DATA SHOWN: Begin

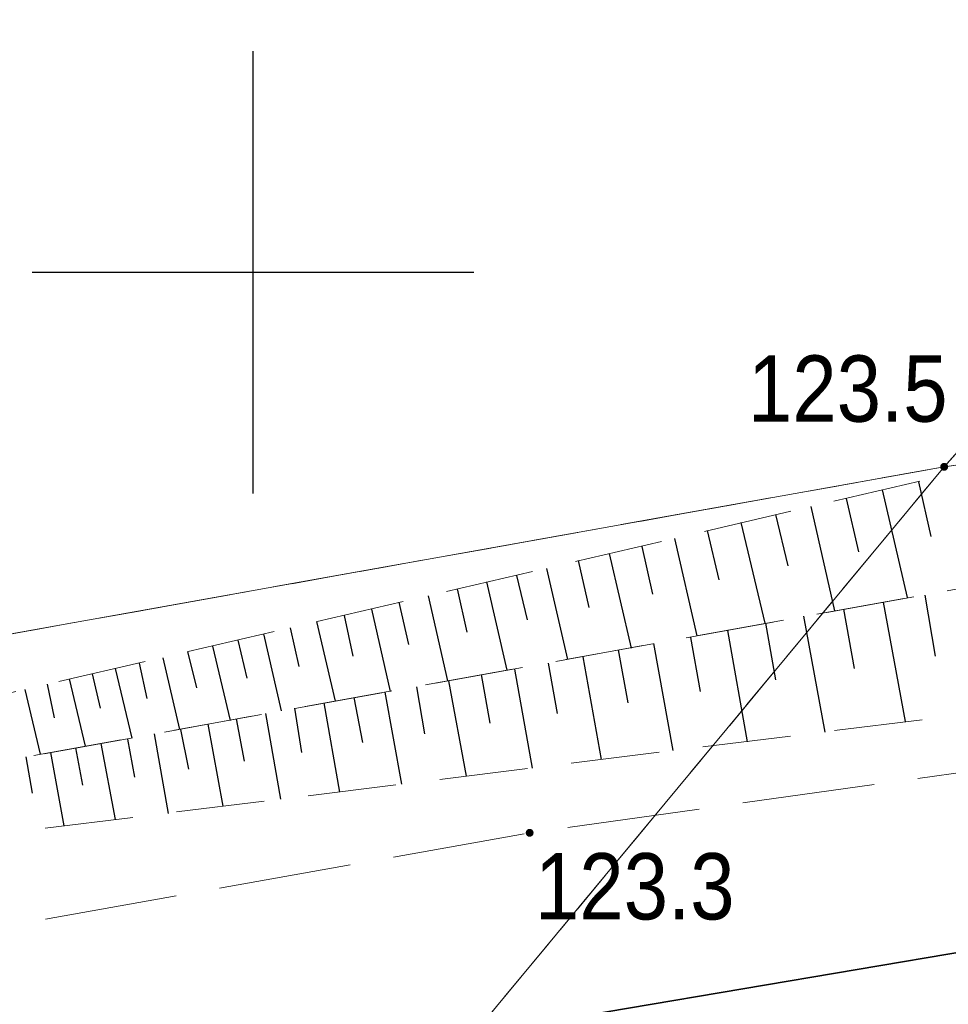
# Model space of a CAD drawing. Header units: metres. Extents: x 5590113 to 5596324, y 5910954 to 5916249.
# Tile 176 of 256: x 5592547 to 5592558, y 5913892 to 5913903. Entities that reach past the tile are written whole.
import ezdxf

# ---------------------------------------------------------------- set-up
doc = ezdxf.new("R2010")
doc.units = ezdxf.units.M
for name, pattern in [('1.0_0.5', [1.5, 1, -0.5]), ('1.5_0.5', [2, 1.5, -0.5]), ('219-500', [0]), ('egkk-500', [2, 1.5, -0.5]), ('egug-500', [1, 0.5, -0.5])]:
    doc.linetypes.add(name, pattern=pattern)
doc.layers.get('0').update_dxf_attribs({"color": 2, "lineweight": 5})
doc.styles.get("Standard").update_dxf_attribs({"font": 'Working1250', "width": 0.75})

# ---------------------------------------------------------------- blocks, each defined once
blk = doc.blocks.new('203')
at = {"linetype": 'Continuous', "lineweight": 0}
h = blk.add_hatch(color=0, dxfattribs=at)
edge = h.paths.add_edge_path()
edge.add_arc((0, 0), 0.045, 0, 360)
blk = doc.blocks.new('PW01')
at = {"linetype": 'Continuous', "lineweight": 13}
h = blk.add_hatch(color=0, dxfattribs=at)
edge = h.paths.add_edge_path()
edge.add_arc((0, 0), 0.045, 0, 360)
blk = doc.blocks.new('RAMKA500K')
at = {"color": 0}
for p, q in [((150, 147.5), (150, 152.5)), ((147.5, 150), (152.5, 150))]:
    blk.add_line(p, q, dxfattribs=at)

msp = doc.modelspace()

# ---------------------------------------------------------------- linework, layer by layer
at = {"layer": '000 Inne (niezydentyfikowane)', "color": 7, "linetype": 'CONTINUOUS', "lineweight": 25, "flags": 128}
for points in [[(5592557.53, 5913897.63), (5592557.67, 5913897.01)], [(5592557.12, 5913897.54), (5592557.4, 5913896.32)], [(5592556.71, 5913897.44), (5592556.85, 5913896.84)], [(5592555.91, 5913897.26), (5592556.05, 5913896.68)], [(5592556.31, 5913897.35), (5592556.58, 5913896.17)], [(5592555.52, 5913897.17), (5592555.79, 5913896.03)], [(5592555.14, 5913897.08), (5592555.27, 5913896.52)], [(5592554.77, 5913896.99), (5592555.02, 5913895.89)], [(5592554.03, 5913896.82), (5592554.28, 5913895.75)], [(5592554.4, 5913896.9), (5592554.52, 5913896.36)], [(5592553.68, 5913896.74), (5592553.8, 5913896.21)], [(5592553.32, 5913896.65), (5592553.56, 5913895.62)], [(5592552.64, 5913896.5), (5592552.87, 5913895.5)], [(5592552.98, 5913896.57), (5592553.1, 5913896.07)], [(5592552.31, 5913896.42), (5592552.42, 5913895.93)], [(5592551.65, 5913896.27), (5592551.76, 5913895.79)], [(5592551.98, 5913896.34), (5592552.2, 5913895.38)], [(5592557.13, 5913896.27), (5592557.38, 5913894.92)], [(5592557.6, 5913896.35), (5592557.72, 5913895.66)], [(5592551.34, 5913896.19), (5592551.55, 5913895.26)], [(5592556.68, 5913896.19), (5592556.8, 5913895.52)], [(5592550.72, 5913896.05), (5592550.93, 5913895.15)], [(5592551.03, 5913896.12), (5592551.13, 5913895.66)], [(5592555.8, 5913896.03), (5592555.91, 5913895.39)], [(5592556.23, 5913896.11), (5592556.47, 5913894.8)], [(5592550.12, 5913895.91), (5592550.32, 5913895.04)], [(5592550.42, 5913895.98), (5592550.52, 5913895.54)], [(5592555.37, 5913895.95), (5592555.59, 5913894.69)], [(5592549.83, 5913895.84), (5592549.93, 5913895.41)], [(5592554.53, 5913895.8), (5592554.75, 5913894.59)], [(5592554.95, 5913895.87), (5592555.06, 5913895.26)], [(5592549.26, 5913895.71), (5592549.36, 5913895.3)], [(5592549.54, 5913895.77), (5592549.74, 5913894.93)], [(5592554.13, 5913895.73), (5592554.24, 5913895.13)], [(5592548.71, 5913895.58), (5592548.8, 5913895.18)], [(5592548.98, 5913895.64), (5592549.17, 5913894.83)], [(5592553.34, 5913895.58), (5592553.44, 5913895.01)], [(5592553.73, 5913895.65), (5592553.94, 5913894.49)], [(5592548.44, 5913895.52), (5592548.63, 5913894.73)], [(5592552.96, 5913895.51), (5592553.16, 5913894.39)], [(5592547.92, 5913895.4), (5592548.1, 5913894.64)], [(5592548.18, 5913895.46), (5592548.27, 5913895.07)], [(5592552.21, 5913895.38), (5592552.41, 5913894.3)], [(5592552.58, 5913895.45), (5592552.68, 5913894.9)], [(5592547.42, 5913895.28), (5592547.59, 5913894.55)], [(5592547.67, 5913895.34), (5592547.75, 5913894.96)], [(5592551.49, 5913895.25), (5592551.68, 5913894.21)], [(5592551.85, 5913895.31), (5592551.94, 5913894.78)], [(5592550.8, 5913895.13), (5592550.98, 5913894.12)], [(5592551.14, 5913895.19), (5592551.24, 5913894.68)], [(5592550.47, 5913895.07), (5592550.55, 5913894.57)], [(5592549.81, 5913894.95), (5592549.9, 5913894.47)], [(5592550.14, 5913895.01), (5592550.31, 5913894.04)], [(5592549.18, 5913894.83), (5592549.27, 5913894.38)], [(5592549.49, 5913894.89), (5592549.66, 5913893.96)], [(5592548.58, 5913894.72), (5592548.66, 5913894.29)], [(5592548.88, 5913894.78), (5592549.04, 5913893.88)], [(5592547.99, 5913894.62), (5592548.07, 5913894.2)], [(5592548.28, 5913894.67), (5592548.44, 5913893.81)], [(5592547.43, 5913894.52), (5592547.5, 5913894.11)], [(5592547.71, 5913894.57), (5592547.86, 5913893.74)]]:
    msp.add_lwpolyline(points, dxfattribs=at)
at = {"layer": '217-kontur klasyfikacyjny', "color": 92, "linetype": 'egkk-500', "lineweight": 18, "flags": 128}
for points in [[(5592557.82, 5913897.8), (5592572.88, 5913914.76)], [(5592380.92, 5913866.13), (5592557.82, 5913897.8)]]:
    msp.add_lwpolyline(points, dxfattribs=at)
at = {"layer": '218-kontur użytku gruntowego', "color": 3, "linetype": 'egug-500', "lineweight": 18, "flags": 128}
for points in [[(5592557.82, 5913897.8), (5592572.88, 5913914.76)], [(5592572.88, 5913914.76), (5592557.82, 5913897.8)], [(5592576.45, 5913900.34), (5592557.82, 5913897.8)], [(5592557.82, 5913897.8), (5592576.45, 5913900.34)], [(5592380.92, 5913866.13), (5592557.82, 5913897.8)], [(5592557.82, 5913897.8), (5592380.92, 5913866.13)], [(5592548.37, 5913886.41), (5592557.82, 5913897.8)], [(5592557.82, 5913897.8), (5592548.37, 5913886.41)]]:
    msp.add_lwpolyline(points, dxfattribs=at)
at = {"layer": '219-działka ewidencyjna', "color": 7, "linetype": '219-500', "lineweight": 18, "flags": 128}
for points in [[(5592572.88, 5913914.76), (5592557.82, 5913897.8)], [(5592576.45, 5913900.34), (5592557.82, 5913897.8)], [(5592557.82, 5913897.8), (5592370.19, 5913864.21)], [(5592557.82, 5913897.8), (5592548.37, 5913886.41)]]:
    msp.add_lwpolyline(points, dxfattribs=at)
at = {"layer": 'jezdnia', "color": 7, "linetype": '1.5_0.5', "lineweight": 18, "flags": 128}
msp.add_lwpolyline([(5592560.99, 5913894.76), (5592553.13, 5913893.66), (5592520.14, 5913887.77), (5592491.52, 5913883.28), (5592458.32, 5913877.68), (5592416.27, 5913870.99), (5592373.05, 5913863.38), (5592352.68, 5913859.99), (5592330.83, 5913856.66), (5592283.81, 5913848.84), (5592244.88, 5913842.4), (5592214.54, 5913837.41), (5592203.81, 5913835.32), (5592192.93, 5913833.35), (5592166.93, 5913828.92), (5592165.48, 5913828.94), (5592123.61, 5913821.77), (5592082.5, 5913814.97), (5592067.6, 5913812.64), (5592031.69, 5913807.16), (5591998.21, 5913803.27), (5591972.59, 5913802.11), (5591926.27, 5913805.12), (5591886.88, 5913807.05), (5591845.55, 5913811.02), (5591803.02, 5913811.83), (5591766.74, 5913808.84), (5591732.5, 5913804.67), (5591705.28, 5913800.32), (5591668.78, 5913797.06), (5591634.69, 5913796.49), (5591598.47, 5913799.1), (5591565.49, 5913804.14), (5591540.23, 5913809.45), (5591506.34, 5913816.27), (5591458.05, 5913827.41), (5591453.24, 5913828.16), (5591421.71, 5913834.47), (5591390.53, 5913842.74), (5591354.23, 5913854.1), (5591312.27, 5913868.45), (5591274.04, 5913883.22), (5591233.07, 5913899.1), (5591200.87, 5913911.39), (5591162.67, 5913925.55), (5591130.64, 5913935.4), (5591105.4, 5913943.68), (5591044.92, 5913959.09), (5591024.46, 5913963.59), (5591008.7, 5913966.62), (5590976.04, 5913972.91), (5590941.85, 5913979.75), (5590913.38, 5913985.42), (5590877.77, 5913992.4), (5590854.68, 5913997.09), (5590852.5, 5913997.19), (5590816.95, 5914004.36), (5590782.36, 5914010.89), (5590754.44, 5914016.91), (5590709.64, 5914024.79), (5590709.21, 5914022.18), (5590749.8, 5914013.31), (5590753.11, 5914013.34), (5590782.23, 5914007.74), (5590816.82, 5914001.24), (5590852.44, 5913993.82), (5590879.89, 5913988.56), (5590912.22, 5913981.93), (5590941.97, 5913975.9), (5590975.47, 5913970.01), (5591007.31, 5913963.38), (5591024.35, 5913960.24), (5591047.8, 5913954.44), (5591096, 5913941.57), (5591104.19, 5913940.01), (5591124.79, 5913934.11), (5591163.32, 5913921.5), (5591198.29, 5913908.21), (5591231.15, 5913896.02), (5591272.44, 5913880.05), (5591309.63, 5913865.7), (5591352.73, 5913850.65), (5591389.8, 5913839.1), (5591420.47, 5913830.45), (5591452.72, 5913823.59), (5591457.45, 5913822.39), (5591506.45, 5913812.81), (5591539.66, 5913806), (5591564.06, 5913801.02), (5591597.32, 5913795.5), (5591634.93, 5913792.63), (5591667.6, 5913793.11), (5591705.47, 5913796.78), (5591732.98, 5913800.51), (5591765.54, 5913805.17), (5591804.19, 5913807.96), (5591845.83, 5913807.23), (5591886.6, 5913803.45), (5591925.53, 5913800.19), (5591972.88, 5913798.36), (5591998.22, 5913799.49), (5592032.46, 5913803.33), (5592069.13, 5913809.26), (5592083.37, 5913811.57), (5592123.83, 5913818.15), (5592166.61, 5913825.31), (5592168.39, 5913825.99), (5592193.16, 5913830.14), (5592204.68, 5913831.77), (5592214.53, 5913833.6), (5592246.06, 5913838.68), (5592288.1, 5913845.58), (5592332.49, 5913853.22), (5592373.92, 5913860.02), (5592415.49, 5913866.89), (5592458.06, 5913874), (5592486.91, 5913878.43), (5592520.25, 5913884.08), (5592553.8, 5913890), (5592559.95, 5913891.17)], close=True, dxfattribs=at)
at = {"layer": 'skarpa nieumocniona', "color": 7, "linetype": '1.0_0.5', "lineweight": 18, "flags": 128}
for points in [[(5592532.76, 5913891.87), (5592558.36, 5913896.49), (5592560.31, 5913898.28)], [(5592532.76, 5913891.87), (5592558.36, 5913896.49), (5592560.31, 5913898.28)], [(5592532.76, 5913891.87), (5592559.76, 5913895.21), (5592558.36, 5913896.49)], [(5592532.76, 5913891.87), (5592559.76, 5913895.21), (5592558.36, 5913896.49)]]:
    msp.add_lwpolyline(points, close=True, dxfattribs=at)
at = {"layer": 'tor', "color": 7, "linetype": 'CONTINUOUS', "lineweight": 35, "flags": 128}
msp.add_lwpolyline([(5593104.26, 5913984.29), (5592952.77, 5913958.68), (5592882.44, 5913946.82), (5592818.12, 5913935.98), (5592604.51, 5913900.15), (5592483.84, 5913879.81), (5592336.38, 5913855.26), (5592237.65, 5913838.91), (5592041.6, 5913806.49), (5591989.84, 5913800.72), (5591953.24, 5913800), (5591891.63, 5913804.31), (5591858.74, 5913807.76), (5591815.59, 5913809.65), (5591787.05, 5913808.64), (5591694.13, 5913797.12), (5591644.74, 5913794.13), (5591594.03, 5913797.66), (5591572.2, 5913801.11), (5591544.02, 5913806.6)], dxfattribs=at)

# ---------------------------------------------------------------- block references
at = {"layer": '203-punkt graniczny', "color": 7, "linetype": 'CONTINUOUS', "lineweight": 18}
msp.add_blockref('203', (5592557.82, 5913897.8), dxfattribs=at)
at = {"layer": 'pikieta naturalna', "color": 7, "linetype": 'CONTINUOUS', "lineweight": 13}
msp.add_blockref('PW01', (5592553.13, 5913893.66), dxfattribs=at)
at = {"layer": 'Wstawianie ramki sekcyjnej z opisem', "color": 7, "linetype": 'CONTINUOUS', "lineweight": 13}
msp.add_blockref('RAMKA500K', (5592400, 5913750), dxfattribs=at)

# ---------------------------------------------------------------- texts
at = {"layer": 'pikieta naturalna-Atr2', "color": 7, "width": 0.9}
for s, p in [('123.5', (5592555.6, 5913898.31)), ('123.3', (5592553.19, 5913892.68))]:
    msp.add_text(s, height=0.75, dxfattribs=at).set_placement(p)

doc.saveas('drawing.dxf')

DATA SHOWN: End

== TASK TO CARRY OUT ==
With the line containing "ramki sekcyjnej z" as the first and the last line above as the final one, copy those lines exactly and no others.

== PROBLEM SOLUTION ==
at = {"layer": 'Wstawianie ramki sekcyjnej z opisem', "color": 7, "linetype": 'CONTINUOUS', "lineweight": 13}
msp.add_blockref('RAMKA500K', (5592400, 5913750), dxfattribs=at)

# ---------------------------------------------------------------- texts
at = {"layer": 'pikieta naturalna-Atr2', "color": 7, "width": 0.9}
for s, p in [('123.5', (5592555.6, 5913898.31)), ('123.3', (5592553.19, 5913892.68))]:
    msp.add_text(s, height=0.75, dxfattribs=at).set_placement(p)

doc.saveas('drawing.dxf')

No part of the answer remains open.